§ The records:
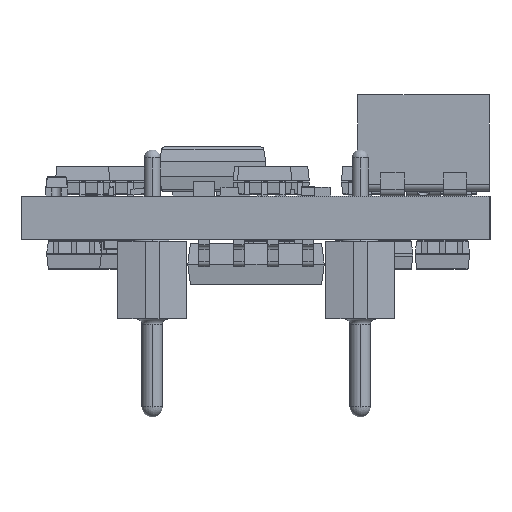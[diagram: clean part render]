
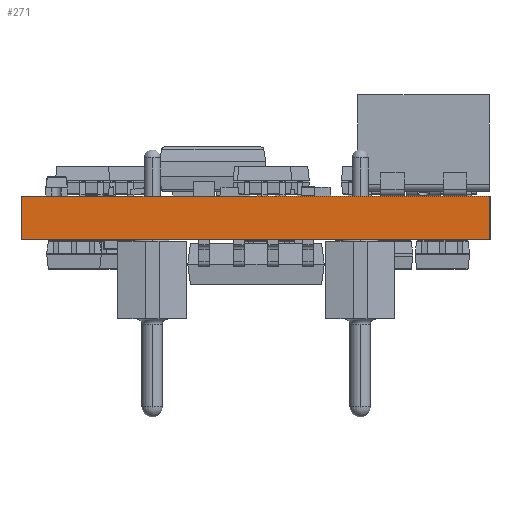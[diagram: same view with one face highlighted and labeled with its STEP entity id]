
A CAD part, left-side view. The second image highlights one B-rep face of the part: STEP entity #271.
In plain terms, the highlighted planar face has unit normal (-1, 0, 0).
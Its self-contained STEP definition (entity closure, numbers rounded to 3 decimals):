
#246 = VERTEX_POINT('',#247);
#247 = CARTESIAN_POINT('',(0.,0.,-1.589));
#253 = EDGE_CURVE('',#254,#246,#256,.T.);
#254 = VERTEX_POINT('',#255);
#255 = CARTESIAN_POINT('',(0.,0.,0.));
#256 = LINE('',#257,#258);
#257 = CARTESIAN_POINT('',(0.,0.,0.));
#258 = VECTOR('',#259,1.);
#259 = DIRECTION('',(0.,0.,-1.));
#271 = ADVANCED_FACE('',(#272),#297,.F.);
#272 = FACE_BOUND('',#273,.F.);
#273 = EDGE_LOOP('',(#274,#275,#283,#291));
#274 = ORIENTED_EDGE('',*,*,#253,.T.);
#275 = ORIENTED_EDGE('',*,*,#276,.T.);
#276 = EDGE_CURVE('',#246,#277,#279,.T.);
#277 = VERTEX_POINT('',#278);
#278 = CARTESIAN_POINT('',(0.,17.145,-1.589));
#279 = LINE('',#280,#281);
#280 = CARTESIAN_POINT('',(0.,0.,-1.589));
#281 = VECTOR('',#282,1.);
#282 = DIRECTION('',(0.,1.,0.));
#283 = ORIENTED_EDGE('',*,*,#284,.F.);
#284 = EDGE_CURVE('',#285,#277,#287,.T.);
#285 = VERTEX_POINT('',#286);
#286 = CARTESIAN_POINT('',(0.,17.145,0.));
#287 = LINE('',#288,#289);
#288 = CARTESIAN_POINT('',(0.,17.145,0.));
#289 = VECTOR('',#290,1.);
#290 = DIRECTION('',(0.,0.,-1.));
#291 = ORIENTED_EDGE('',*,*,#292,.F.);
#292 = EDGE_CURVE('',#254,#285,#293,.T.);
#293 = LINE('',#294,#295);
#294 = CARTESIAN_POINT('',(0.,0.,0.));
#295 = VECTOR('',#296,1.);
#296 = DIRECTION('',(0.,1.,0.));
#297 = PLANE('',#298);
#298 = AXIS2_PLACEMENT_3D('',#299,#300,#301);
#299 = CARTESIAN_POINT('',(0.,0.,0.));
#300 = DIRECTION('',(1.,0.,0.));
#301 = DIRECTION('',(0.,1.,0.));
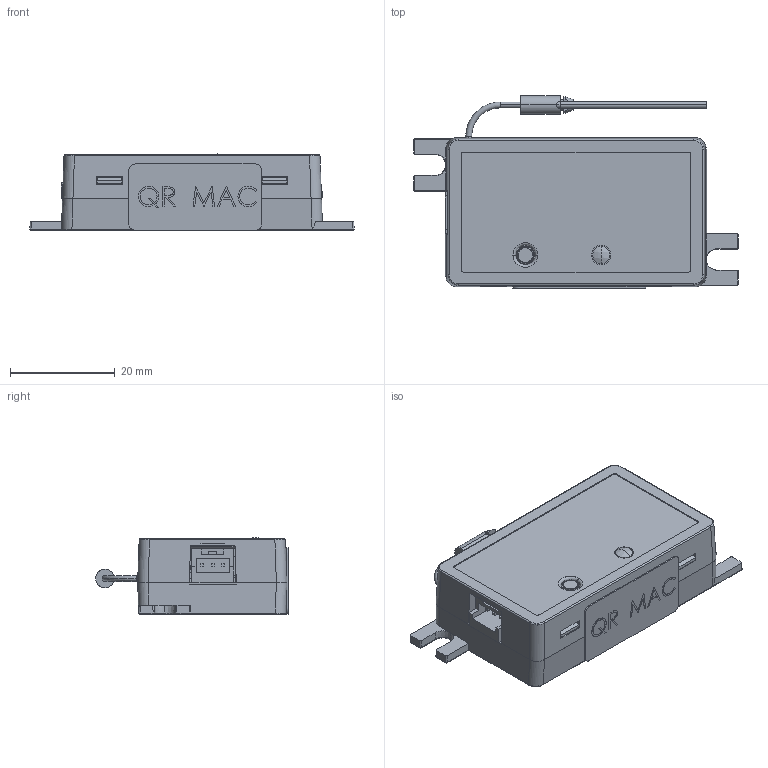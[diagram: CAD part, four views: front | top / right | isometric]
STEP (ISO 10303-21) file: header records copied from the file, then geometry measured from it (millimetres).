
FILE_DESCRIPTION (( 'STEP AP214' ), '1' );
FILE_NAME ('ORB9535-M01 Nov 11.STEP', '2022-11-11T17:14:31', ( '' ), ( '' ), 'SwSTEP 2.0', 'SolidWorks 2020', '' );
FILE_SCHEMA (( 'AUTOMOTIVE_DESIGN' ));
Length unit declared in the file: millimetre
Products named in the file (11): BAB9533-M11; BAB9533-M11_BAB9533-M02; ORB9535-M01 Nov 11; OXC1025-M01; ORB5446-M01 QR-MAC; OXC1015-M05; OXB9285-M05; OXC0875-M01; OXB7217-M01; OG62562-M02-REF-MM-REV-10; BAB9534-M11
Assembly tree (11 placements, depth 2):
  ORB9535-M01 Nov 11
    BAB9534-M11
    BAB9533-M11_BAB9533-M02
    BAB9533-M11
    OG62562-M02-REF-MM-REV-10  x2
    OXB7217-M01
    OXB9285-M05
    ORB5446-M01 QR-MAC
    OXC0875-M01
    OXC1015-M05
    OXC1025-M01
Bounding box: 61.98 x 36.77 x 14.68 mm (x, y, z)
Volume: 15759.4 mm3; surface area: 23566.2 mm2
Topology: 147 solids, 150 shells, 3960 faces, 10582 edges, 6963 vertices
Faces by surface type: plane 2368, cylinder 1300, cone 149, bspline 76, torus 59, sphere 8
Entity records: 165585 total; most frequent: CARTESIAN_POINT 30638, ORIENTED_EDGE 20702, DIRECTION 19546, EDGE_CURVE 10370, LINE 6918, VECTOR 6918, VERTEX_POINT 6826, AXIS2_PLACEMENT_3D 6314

§ Task requirements: The whole listing should be reproduced exactly. Images don't go in.

§ Result below:
[diagram: clean part render]
[diagram: same view with one face highlighted and labeled with its STEP entity id]
A CAD part, left-side view. The second image highlights one B-rep face of the part: STEP entity #271.
In plain terms, the highlighted planar face has unit normal (-1, 0, 0).
Its self-contained STEP definition (entity closure, numbers rounded to 3 decimals):
#246 = VERTEX_POINT('',#247);
#247 = CARTESIAN_POINT('',(0.,0.,-1.589));
#253 = EDGE_CURVE('',#254,#246,#256,.T.);
#254 = VERTEX_POINT('',#255);
#255 = CARTESIAN_POINT('',(0.,0.,0.));
#256 = LINE('',#257,#258);
#257 = CARTESIAN_POINT('',(0.,0.,0.));
#258 = VECTOR('',#259,1.);
#259 = DIRECTION('',(0.,0.,-1.));
#271 = ADVANCED_FACE('',(#272),#297,.F.);
#272 = FACE_BOUND('',#273,.F.);
#273 = EDGE_LOOP('',(#274,#275,#283,#291));
#274 = ORIENTED_EDGE('',*,*,#253,.T.);
#275 = ORIENTED_EDGE('',*,*,#276,.T.);
#276 = EDGE_CURVE('',#246,#277,#279,.T.);
#277 = VERTEX_POINT('',#278);
#278 = CARTESIAN_POINT('',(0.,17.145,-1.589));
#279 = LINE('',#280,#281);
#280 = CARTESIAN_POINT('',(0.,0.,-1.589));
#281 = VECTOR('',#282,1.);
#282 = DIRECTION('',(0.,1.,0.));
#283 = ORIENTED_EDGE('',*,*,#284,.F.);
#284 = EDGE_CURVE('',#285,#277,#287,.T.);
#285 = VERTEX_POINT('',#286);
#286 = CARTESIAN_POINT('',(0.,17.145,0.));
#287 = LINE('',#288,#289);
#288 = CARTESIAN_POINT('',(0.,17.145,0.));
#289 = VECTOR('',#290,1.);
#290 = DIRECTION('',(0.,0.,-1.));
#291 = ORIENTED_EDGE('',*,*,#292,.F.);
#292 = EDGE_CURVE('',#254,#285,#293,.T.);
#293 = LINE('',#294,#295);
#294 = CARTESIAN_POINT('',(0.,0.,0.));
#295 = VECTOR('',#296,1.);
#296 = DIRECTION('',(0.,1.,0.));
#297 = PLANE('',#298);
#298 = AXIS2_PLACEMENT_3D('',#299,#300,#301);
#299 = CARTESIAN_POINT('',(0.,0.,0.));
#300 = DIRECTION('',(1.,0.,0.));
#301 = DIRECTION('',(0.,1.,0.));
[diagram: CAD part, four views: front | top / right | isometric]
STEP (ISO 10303-21) file: header records copied from the file, then geometry measured from it (millimetres).
FILE_DESCRIPTION (( 'STEP AP214' ), '1' );
FILE_NAME ('ORB9535-M01 Nov 11.STEP', '2022-11-11T17:14:31', ( '' ), ( '' ), 'SwSTEP 2.0', 'SolidWorks 2020', '' );
FILE_SCHEMA (( 'AUTOMOTIVE_DESIGN' ));
Length unit declared in the file: millimetre
Products named in the file (11): BAB9533-M11; BAB9533-M11_BAB9533-M02; ORB9535-M01 Nov 11; OXC1025-M01; ORB5446-M01 QR-MAC; OXC1015-M05; OXB9285-M05; OXC0875-M01; OXB7217-M01; OG62562-M02-REF-MM-REV-10; BAB9534-M11
Assembly tree (11 placements, depth 2):
  ORB9535-M01 Nov 11
    BAB9534-M11
    BAB9533-M11_BAB9533-M02
    BAB9533-M11
    OG62562-M02-REF-MM-REV-10  x2
    OXB7217-M01
    OXB9285-M05
    ORB5446-M01 QR-MAC
    OXC0875-M01
    OXC1015-M05
    OXC1025-M01
Bounding box: 61.98 x 36.77 x 14.68 mm (x, y, z)
Volume: 15759.4 mm3; surface area: 23566.2 mm2
Topology: 147 solids, 150 shells, 3960 faces, 10582 edges, 6963 vertices
Faces by surface type: plane 2368, cylinder 1300, cone 149, bspline 76, torus 59, sphere 8
Entity records: 165585 total; most frequent: CARTESIAN_POINT 30638, ORIENTED_EDGE 20702, DIRECTION 19546, EDGE_CURVE 10370, LINE 6918, VECTOR 6918, VERTEX_POINT 6826, AXIS2_PLACEMENT_3D 6314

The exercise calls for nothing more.